* Your objective:
Copy out all lines in the data below containing the string "dimexo".

* Source data:
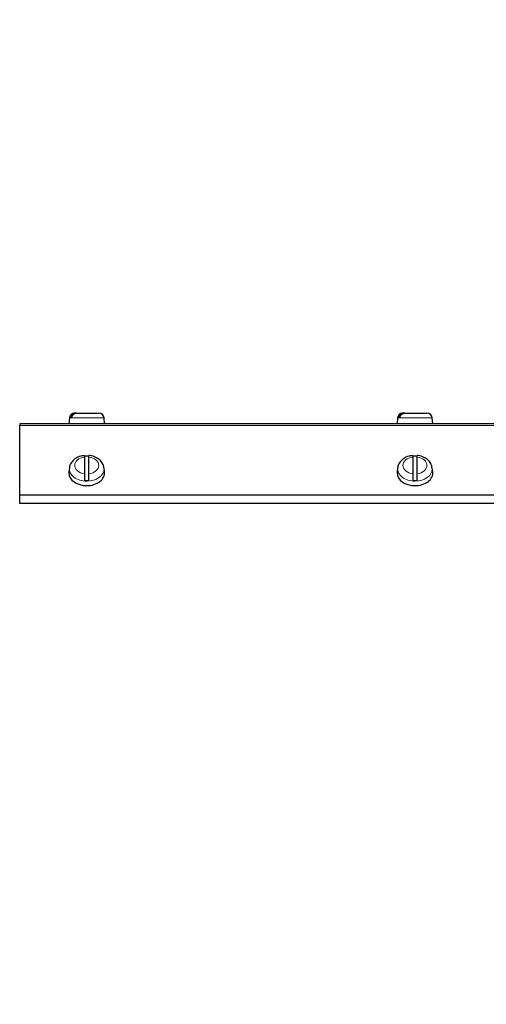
# Model space of a CAD drawing. Header units: millimetres. Extents: x 0 to 29700, y -16 to 21000.
# Tile 329 of 357: x 21765 to 21974, y 17244 to 17685. Entities that reach past the tile are written whole.
import ezdxf

# ---------------------------------------------------------------- set-up
doc = ezdxf.new("R2010")
doc.units = ezdxf.units.MM
doc.layers.add('1', color=7, linetype='Continuous', true_color=0xffffff)
doc.layers.add('254', color=7, linetype='Continuous', true_color=0xffffff)
doc.styles.add('latin_extended', font='simplex.shx')
doc.dimstyles.get("Standard").update_dxf_attribs({"dimtxt": 0.18, "dimasz": 0.18, "dimexe": 0.18, "dimexo": 0.0625, "dimgap": 0.09, "dimtad": 0, "dimtih": 1, "dimtoh": 1, "dimdec": 4, "dimzin": 0, "dimdsep": 46, "dimtxsty": 'Standard', "dimcen": 0.09, "dimadec": 0, "dimazin": 0, "dimtfac": 1, "dimtdec": 4, "dimtofl": 0, "dimtmove": 0, "dimatfit": 3, "dimfxl": 1, "dimtolj": 1, "dimtzin": 0, "dimarcsym": 0})

# ---------------------------------------------------------------- blocks, each defined once
blk = doc.blocks.new('_U4')
at = {"layer": '254', "color": 3, "linetype": 'Continuous', "lineweight": 13, "transparency": 16777216}
for p, q in [((28056.49, 18872.66), (28056.49, 14093.8)), ((18212.99, 16851.58), (18212.99, 14093.8)), ((18387.99, 14143.8), (27881.49, 14143.8))]:
    blk.add_line(p, q, dxfattribs=at)
at = {"layer": '254', "color": 3, "transparency": 16777216}
for points in [[(18387.99, 14172.97), (18387.99, 14114.64), (18212.99, 14143.8)], [(27881.49, 14114.64), (27881.49, 14172.97), (28056.49, 14143.8)]]:
    blk.add_solid(points, dxfattribs=at)
at = {"layer": 'Defpoints', "color": 0, "transparency": 16777216}
for p in [(28056.49, 18922.66), (18212.99, 16901.58), (28056.49, 14143.8)]:
    blk.add_point(p, dxfattribs=at)
at = {"layer": '254', "color": 2, "lineweight": 13, "transparency": 16777216, "insert": (22822.24, 14406.3), "char_height": 175, "attachment_point": 1, "style": 'latin_extended'}
blk.add_mtext('\\A1;9844', dxfattribs=at)

msp = doc.modelspace()

# ---------------------------------------------------------------- linework, layer by layer
at = {"layer": '1', "color": 2, "linetype": 'Continuous', "lineweight": 25}
for p, q in [((21787.715, 17506.912), (21787.487, 17504.303)), ((21788.786, 17507.203), (21788.022, 17507.203)), ((21790.218, 17509.103), (21790.106, 17509.103)), ((21790.982, 17509.103), (21790.218, 17509.103)), ((21790.982, 17509.103), (21800.867, 17509.103)), ((21803.487, 17504.303), (21803.258, 17506.912)), ((21934.715, 17506.912), (21934.487, 17504.303)), ((21935.786, 17507.203), (21935.022, 17507.203)), ((21937.218, 17509.103), (21937.106, 17509.103)), ((21937.982, 17509.103), (21937.218, 17509.103)), ((21937.982, 17509.103), (21947.867, 17509.103)), ((21950.487, 17504.303), (21950.258, 17506.912)), ((21765.495, 17502.803), (21765.472, 17502.803)), ((21765.495, 17502.303), (21765.472, 17502.303)), ((21765.487, 17504.303), (21765.487, 17503.571)), ((22059.754, 17504.303), (21765.487, 17504.303)), ((21765.487, 17472.561), (21765.487, 17503.571)), ((21765.472, 17498.117), (21765.495, 17498.117)), ((21794.487, 17489.408), (21794.487, 17481.931)), ((21796.487, 17481.931), (21796.487, 17489.408)), ((21941.487, 17489.408), (21941.487, 17481.931)), ((21943.487, 17481.931), (21943.487, 17489.408)), ((21787.745, 17484.601), (21787.517, 17482.771)), ((21803.456, 17482.771), (21803.229, 17484.601)), ((21934.745, 17484.601), (21934.517, 17482.771)), ((21950.456, 17482.771), (21950.229, 17484.601)), ((21787.517, 17482.771), (21787.487, 17482.276)), ((21934.517, 17482.771), (21934.487, 17482.276)), ((21765.487, 17472.4), (21765.487, 17472.561)), ((21765.487, 17468.653), (21765.487, 17472.4)), ((22076.41, 17468.653), (21765.487, 17468.653))]:
    msp.add_line(p, q, dxfattribs=at)
at = {"layer": '1', "color": 4, "linetype": 'Continuous', "lineweight": 13}
for p, q in [((21803.258, 17506.912), (21787.715, 17506.912)), ((21950.258, 17506.912), (21934.715, 17506.912)), ((22060.099, 17503.571), (21765.487, 17503.571)), ((22074.582, 17472.561), (21765.487, 17472.561)), ((22074.663, 17472.4), (21765.487, 17472.4))]:
    msp.add_line(p, q, dxfattribs=at)
at = {"layer": '1', "color": 2, "linetype": 'Continuous', "lineweight": 25}
for centre, start, end in [((21790.106, 17506.703), 90, 175), ((21800.867, 17506.703), 5, 90), ((21937.106, 17506.703), 90, 175), ((21947.867, 17506.703), 5, 90)]:
    msp.add_arc(centre, 2.4, start, end, dxfattribs=at)
at = {"layer": '1', "color": 4, "linetype": 'Continuous', "lineweight": 13}
for centre, major_axis, start_param, end_param in [((21795.487, 17485.67), (-5.381, 0), 4.8993196, 7.667051), ((21795.487, 17485.67), (-5.381, 0), 1.757727, 4.5254583), ((21942.487, 17485.67), (-5.381, 0), 4.8993196, 7.667051), ((21942.487, 17485.67), (-5.381, 0), 1.757727, 4.5254583), ((21795.487, 17484.121), (7.772, 0), 3.0606966, 4.712389), ((21795.487, 17484.121), (7.772, 0), 0, 0.097193), ((21942.487, 17484.121), (7.772, 0), 3.0606966, 4.712389), ((21942.487, 17484.121), (7.772, 0), 0, 0.097193), ((21795.487, 17484.121), (7.772, 0), 4.712389, 6.2831853), ((21942.487, 17484.121), (7.772, 0), 4.712389, 6.2831853)]:
    msp.add_ellipse(centre, major_axis=major_axis, ratio=0.7071068, start_param=start_param, end_param=end_param, dxfattribs=at)
at = {"layer": '1', "color": 2, "linetype": 'Continuous', "lineweight": 25}
for centre, major_axis, start_param, end_param in [((21795.487, 17484.326), (7.728, 0), 1.4410362, 1.7005564), ((21942.487, 17484.326), (7.728, 0), 1.4410362, 1.7005564), ((21795.487, 17482.276), (-8, 0), 0, 1.5707963), ((21795.487, 17482.276), (-8, 0), 1.5707963, 3.2292627), ((21942.487, 17482.276), (-8, 0), 0, 1.5707963), ((21942.487, 17482.276), (-8, 0), 1.5707963, 3.2292627), ((21795.487, 17484.326), (7.728, 0), 4.5826289, 4.8421491), ((21942.487, 17484.326), (7.728, 0), 4.5826289, 4.8421491)]:
    msp.add_ellipse(centre, major_axis=major_axis, ratio=0.7071068, start_param=start_param, end_param=end_param, dxfattribs=at)
for points, knots in [([(21790.218, 17509.103), (21790.09, 17509.103), (21789.964, 17509.092), (21789.716, 17509.047), (21789.593, 17509.013), (21789.412, 17508.945), (21789.352, 17508.92), (21789.237, 17508.864), (21789.18, 17508.834), (21789.014, 17508.735), (21788.909, 17508.66), (21788.784, 17508.552), (21788.759, 17508.53), (21788.711, 17508.485), (21788.641, 17508.416), (21788.575, 17508.342), (21788.449, 17508.189), (21788.373, 17508.08), (21788.289, 17507.933), (21788.273, 17507.903), (21788.241, 17507.843), (21788.226, 17507.813), (21788.183, 17507.721), (21788.157, 17507.659), (21788.086, 17507.469), (21788.049, 17507.339), (21788.022, 17507.203)], [0, 0, 0, 0, 0.125, 0.125, 0.25, 0.25, 0.3125, 0.3125, 0.375, 0.375, 0.5, 0.5, 0.53125, 0.53125, 0.5625, 0.625, 0.625, 0.75, 0.75, 0.78125, 0.78125, 0.8125, 0.8125, 0.875, 0.875, 1, 1, 1, 1]), ([(21788.786, 17507.203), (21788.813, 17507.339), (21788.85, 17507.469), (21788.921, 17507.659), (21788.947, 17507.721), (21788.99, 17507.813), (21789.005, 17507.843), (21789.036, 17507.903), (21789.053, 17507.933), (21789.137, 17508.08), (21789.213, 17508.189), (21789.339, 17508.342), (21789.383, 17508.391), (21789.452, 17508.462), (21789.475, 17508.485), (21789.524, 17508.53), (21789.548, 17508.552), (21789.673, 17508.66), (21789.778, 17508.735), (21789.944, 17508.834), (21790.001, 17508.864), (21790.088, 17508.906), (21790.117, 17508.919), (21790.177, 17508.945), (21790.207, 17508.957), (21790.357, 17509.013), (21790.48, 17509.047), (21790.728, 17509.092), (21790.854, 17509.103), (21790.982, 17509.103)], [0, 0, 0, 0, 0.125, 0.125, 0.1875, 0.1875, 0.21875, 0.21875, 0.25, 0.25, 0.375, 0.375, 0.4375, 0.4375, 0.46875, 0.46875, 0.5, 0.5, 0.625, 0.625, 0.6875, 0.6875, 0.71875, 0.71875, 0.75, 0.75, 0.875, 0.875, 1, 1, 1, 1]), ([(21937.218, 17509.103), (21937.09, 17509.103), (21936.964, 17509.092), (21936.716, 17509.047), (21936.593, 17509.013), (21936.412, 17508.945), (21936.352, 17508.92), (21936.237, 17508.864), (21936.18, 17508.834), (21936.014, 17508.735), (21935.909, 17508.66), (21935.784, 17508.552), (21935.759, 17508.53), (21935.711, 17508.485), (21935.641, 17508.416), (21935.575, 17508.342), (21935.449, 17508.189), (21935.373, 17508.08), (21935.289, 17507.933), (21935.273, 17507.903), (21935.241, 17507.843), (21935.226, 17507.813), (21935.183, 17507.721), (21935.157, 17507.659), (21935.086, 17507.469), (21935.049, 17507.339), (21935.022, 17507.203)], [0, 0, 0, 0, 0.125, 0.125, 0.25, 0.25, 0.3125, 0.3125, 0.375, 0.375, 0.5, 0.5, 0.53125, 0.53125, 0.5625, 0.625, 0.625, 0.75, 0.75, 0.78125, 0.78125, 0.8125, 0.8125, 0.875, 0.875, 1, 1, 1, 1]), ([(21935.786, 17507.203), (21935.813, 17507.339), (21935.85, 17507.469), (21935.921, 17507.659), (21935.947, 17507.721), (21935.99, 17507.813), (21936.005, 17507.843), (21936.036, 17507.903), (21936.053, 17507.933), (21936.137, 17508.08), (21936.213, 17508.189), (21936.339, 17508.342), (21936.383, 17508.391), (21936.452, 17508.462), (21936.475, 17508.485), (21936.524, 17508.53), (21936.548, 17508.552), (21936.673, 17508.66), (21936.778, 17508.735), (21936.944, 17508.834), (21937.001, 17508.864), (21937.088, 17508.906), (21937.117, 17508.919), (21937.177, 17508.945), (21937.207, 17508.957), (21937.357, 17509.013), (21937.48, 17509.047), (21937.728, 17509.092), (21937.854, 17509.103), (21937.982, 17509.103)], [0, 0, 0, 0, 0.125, 0.125, 0.1875, 0.1875, 0.21875, 0.21875, 0.25, 0.25, 0.375, 0.375, 0.4375, 0.4375, 0.46875, 0.46875, 0.5, 0.5, 0.625, 0.625, 0.6875, 0.6875, 0.71875, 0.71875, 0.75, 0.75, 0.875, 0.875, 1, 1, 1, 1]), ([(21794.495, 17490.043), (21793.927, 17490.023), (21792.385, 17489.822), (21790.174, 17488.743), (21788.51, 17486.939), (21787.72, 17485.419), (21787.778, 17484.627), (21787.787, 17484.546)], [0, 0, 0, 0, 0.1642758, 0.4681905, 0.7323979, 0.9729604, 1, 1, 1, 1]), ([(21794.487, 17490.127), (21794.487, 17490.127), (21794.487, 17490.127), (21794.487, 17490.126), (21794.487, 17490.124), (21794.487, 17490.119), (21794.487, 17490.116), (21794.487, 17490.096), (21794.487, 17490.069), (21794.487, 17490.012), (21794.487, 17489.99), (21794.487, 17489.953), (21794.487, 17489.94), (21794.487, 17489.913), (21794.487, 17489.898), (21794.487, 17489.823), (21794.487, 17489.753), (21794.487, 17489.595), (21794.487, 17489.506), (21794.487, 17489.408)], [0, 0, 0, 0, 0.0041489, 0.0041489, 0.059474, 0.059474, 0.114799, 0.114799, 0.3360993, 0.3360993, 0.4467494, 0.4467494, 0.5020745, 0.5020745, 0.5573995, 0.5573995, 0.7786998, 0.7786998, 1, 1, 1, 1]), ([(21796.487, 17489.408), (21796.487, 17489.506), (21796.487, 17489.595), (21796.487, 17489.753), (21796.487, 17489.823), (21796.487, 17489.914), (21796.487, 17489.941), (21796.487, 17489.99), (21796.487, 17490.012), (21796.487, 17490.069), (21796.487, 17490.096), (21796.487, 17490.116), (21796.487, 17490.119), (21796.487, 17490.124), (21796.487, 17490.126), (21796.487, 17490.127), (21796.487, 17490.127), (21796.487, 17490.127)], [0, 0, 0, 0, 0.2166443, 0.2166443, 0.4332885, 0.4332885, 0.5416107, 0.5416107, 0.6499328, 0.6499328, 0.8665771, 0.8665771, 0.9207382, 0.9207382, 0.9748992, 0.9748992, 1, 1, 1, 1]), ([(21803.113, 17484.655), (21803.089, 17485.155), (21802.861, 17486.319), (21801.641, 17487.982), (21799.633, 17489.382), (21797.749, 17490.017), (21796.648, 17490.096), (21796.487, 17490.103)], [0, 0, 0, 0, 0.1642745, 0.4063163, 0.6661808, 0.9518054, 1, 1, 1, 1]), ([(21941.495, 17490.043), (21940.927, 17490.023), (21939.385, 17489.822), (21937.174, 17488.743), (21935.51, 17486.939), (21934.72, 17485.419), (21934.778, 17484.627), (21934.787, 17484.546)], [0, 0, 0, 0, 0.1642758, 0.4681905, 0.7323979, 0.9729604, 1, 1, 1, 1]), ([(21941.487, 17490.127), (21941.487, 17490.127), (21941.487, 17490.127), (21941.487, 17490.126), (21941.487, 17490.124), (21941.487, 17490.119), (21941.487, 17490.116), (21941.487, 17490.096), (21941.487, 17490.069), (21941.487, 17490.012), (21941.487, 17489.99), (21941.487, 17489.953), (21941.487, 17489.94), (21941.487, 17489.913), (21941.487, 17489.898), (21941.487, 17489.823), (21941.487, 17489.753), (21941.487, 17489.595), (21941.487, 17489.506), (21941.487, 17489.408)], [0, 0, 0, 0, 0.0041489, 0.0041489, 0.059474, 0.059474, 0.114799, 0.114799, 0.3360993, 0.3360993, 0.4467494, 0.4467494, 0.5020745, 0.5020745, 0.5573995, 0.5573995, 0.7786998, 0.7786998, 1, 1, 1, 1]), ([(21943.487, 17489.408), (21943.487, 17489.506), (21943.487, 17489.595), (21943.487, 17489.753), (21943.487, 17489.823), (21943.487, 17489.914), (21943.487, 17489.941), (21943.487, 17489.99), (21943.487, 17490.012), (21943.487, 17490.069), (21943.487, 17490.096), (21943.487, 17490.116), (21943.487, 17490.119), (21943.487, 17490.124), (21943.487, 17490.126), (21943.487, 17490.127), (21943.487, 17490.127), (21943.487, 17490.127)], [0, 0, 0, 0, 0.2166443, 0.2166443, 0.4332885, 0.4332885, 0.5416107, 0.5416107, 0.6499328, 0.6499328, 0.8665771, 0.8665771, 0.9207382, 0.9207382, 0.9748992, 0.9748992, 1, 1, 1, 1]), ([(21950.113, 17484.655), (21950.089, 17485.155), (21949.861, 17486.319), (21948.641, 17487.982), (21946.633, 17489.382), (21944.749, 17490.017), (21943.648, 17490.096), (21943.487, 17490.103)], [0, 0, 0, 0, 0.1642745, 0.4063163, 0.6661808, 0.9518054, 1, 1, 1, 1]), ([(21794.487, 17481.931), (21794.487, 17481.833), (21794.487, 17481.729), (21794.487, 17481.507), (21794.487, 17481.389), (21794.487, 17481.202), (21794.487, 17481.139), (21794.487, 17481.011), (21794.487, 17480.946), (21794.487, 17480.75), (21794.487, 17480.616), (21794.487, 17480.444), (21794.487, 17480.41), (21794.487, 17480.341), (21794.487, 17480.307), (21794.487, 17480.204), (21794.487, 17480.136), (21794.487, 17479.931), (21794.487, 17479.796), (21794.487, 17479.628), (21794.487, 17479.594), (21794.487, 17479.528), (21794.487, 17479.495), (21794.487, 17479.397), (21794.487, 17479.333), (21794.487, 17479.145), (21794.487, 17479.024), (21794.487, 17478.908)], [0, 0, 0, 0, 0.125, 0.125, 0.25, 0.25, 0.3125, 0.3125, 0.375, 0.375, 0.5, 0.5, 0.53125, 0.53125, 0.5625, 0.5625, 0.625, 0.625, 0.75, 0.75, 0.78125, 0.78125, 0.8125, 0.8125, 0.875, 0.875, 1, 1, 1, 1]), ([(21796.487, 17478.908), (21796.487, 17479.024), (21796.487, 17479.145), (21796.487, 17479.333), (21796.487, 17479.397), (21796.487, 17479.495), (21796.487, 17479.528), (21796.487, 17479.594), (21796.487, 17479.628), (21796.487, 17479.796), (21796.487, 17479.932), (21796.487, 17480.136), (21796.487, 17480.204), (21796.487, 17480.307), (21796.487, 17480.341), (21796.487, 17480.41), (21796.487, 17480.445), (21796.487, 17480.616), (21796.487, 17480.75), (21796.487, 17480.947), (21796.487, 17481.012), (21796.487, 17481.108), (21796.487, 17481.14), (21796.487, 17481.203), (21796.487, 17481.234), (21796.487, 17481.389), (21796.487, 17481.507), (21796.487, 17481.729), (21796.487, 17481.833), (21796.487, 17481.931)], [0, 0, 0, 0, 0.125, 0.125, 0.1875, 0.1875, 0.21875, 0.21875, 0.25, 0.25, 0.375, 0.375, 0.4375, 0.4375, 0.46875, 0.46875, 0.5, 0.5, 0.625, 0.625, 0.6875, 0.6875, 0.71875, 0.71875, 0.75, 0.75, 0.875, 0.875, 1, 1, 1, 1]), ([(21941.487, 17481.931), (21941.487, 17481.833), (21941.487, 17481.729), (21941.487, 17481.507), (21941.487, 17481.389), (21941.487, 17481.202), (21941.487, 17481.139), (21941.487, 17481.011), (21941.487, 17480.946), (21941.487, 17480.75), (21941.487, 17480.616), (21941.487, 17480.444), (21941.487, 17480.41), (21941.487, 17480.341), (21941.487, 17480.307), (21941.487, 17480.204), (21941.487, 17480.136), (21941.487, 17479.931), (21941.487, 17479.796), (21941.487, 17479.628), (21941.487, 17479.594), (21941.487, 17479.528), (21941.487, 17479.495), (21941.487, 17479.397), (21941.487, 17479.333), (21941.487, 17479.145), (21941.487, 17479.024), (21941.487, 17478.908)], [0, 0, 0, 0, 0.125, 0.125, 0.25, 0.25, 0.3125, 0.3125, 0.375, 0.375, 0.5, 0.5, 0.53125, 0.53125, 0.5625, 0.5625, 0.625, 0.625, 0.75, 0.75, 0.78125, 0.78125, 0.8125, 0.8125, 0.875, 0.875, 1, 1, 1, 1]), ([(21943.487, 17478.908), (21943.487, 17479.024), (21943.487, 17479.145), (21943.487, 17479.333), (21943.487, 17479.397), (21943.487, 17479.495), (21943.487, 17479.528), (21943.487, 17479.594), (21943.487, 17479.628), (21943.487, 17479.796), (21943.487, 17479.932), (21943.487, 17480.136), (21943.487, 17480.204), (21943.487, 17480.307), (21943.487, 17480.341), (21943.487, 17480.41), (21943.487, 17480.445), (21943.487, 17480.616), (21943.487, 17480.75), (21943.487, 17480.947), (21943.487, 17481.012), (21943.487, 17481.108), (21943.487, 17481.14), (21943.487, 17481.203), (21943.487, 17481.234), (21943.487, 17481.389), (21943.487, 17481.507), (21943.487, 17481.729), (21943.487, 17481.833), (21943.487, 17481.931)], [0, 0, 0, 0, 0.125, 0.125, 0.1875, 0.1875, 0.21875, 0.21875, 0.25, 0.25, 0.375, 0.375, 0.4375, 0.4375, 0.46875, 0.46875, 0.5, 0.5, 0.625, 0.625, 0.6875, 0.6875, 0.71875, 0.71875, 0.75, 0.75, 0.875, 0.875, 1, 1, 1, 1])]:
    msp.add_open_spline(points, degree=3, knots=knots, dxfattribs=at)

# ---------------------------------------------------------------- dimensions: what is measured, and where the dimension line sits
at = {"layer": '254', "color": 2, "linetype": 'Continuous', "lineweight": 13}
dim = msp.add_linear_dim(base=(28056.493, 14143.803), p1=(18212.987, 16901.584), p2=(28056.493, 18922.663), dimstyle='Standard', override={"dimscale": 50, "dimtxt": 3.5, "dimasz": 3.5, "dimexe": 1, "dimexo": 1, "dimgap": 1.75, "dimtad": 1, "dimtih": 1, "dimtoh": 0, "dimdec": 0, "dimlfac": 1, "dimzin": 8, "dimdsep": 46, "dimlunit": 2, "dimtxsty": 'latin_extended', "dimsah": 1, "dimse1": 0, "dimse2": 0, "dimsd1": 0, "dimsd2": 0, "dimclrd": 3, "dimclre": 3, "dimclrt": 2, "dimtol": 0, "dimtm": -0.1, "dimtfac": 0.714286, "dimtdec": 3, "dimtofl": 1, "dimtmove": 0, "dimtzin": 8, "dimlwd": 13, "dimlwe": 13}, dxfattribs=at)
dim.commit()
dim.dimension.update_dxf_attribs({"geometry": '_U4', "text_midpoint": (23134.74, 14143.803), "dimtype": 160})

doc.saveas('drawing.dxf')

* Exercise response:
doc.dimstyles.get("Standard").update_dxf_attribs({"dimtxt": 0.18, "dimasz": 0.18, "dimexe": 0.18, "dimexo": 0.0625, "dimgap": 0.09, "dimtad": 0, "dimtih": 1, "dimtoh": 1, "dimdec": 4, "dimzin": 0, "dimdsep": 46, "dimtxsty": 'Standard', "dimcen": 0.09, "dimadec": 0, "dimazin": 0, "dimtfac": 1, "dimtdec": 4, "dimtofl": 0, "dimtmove": 0, "dimatfit": 3, "dimfxl": 1, "dimtolj": 1, "dimtzin": 0, "dimarcsym": 0})
dim = msp.add_linear_dim(base=(28056.493, 14143.803), p1=(18212.987, 16901.584), p2=(28056.493, 18922.663), dimstyle='Standard', override={"dimscale": 50, "dimtxt": 3.5, "dimasz": 3.5, "dimexe": 1, "dimexo": 1, "dimgap": 1.75, "dimtad": 1, "dimtih": 1, "dimtoh": 0, "dimdec": 0, "dimlfac": 1, "dimzin": 8, "dimdsep": 46, "dimlunit": 2, "dimtxsty": 'latin_extended', "dimsah": 1, "dimse1": 0, "dimse2": 0, "dimsd1": 0, "dimsd2": 0, "dimclrd": 3, "dimclre": 3, "dimclrt": 2, "dimtol": 0, "dimtm": -0.1, "dimtfac": 0.714286, "dimtdec": 3, "dimtofl": 1, "dimtmove": 0, "dimtzin": 8, "dimlwd": 13, "dimlwe": 13}, dxfattribs=at)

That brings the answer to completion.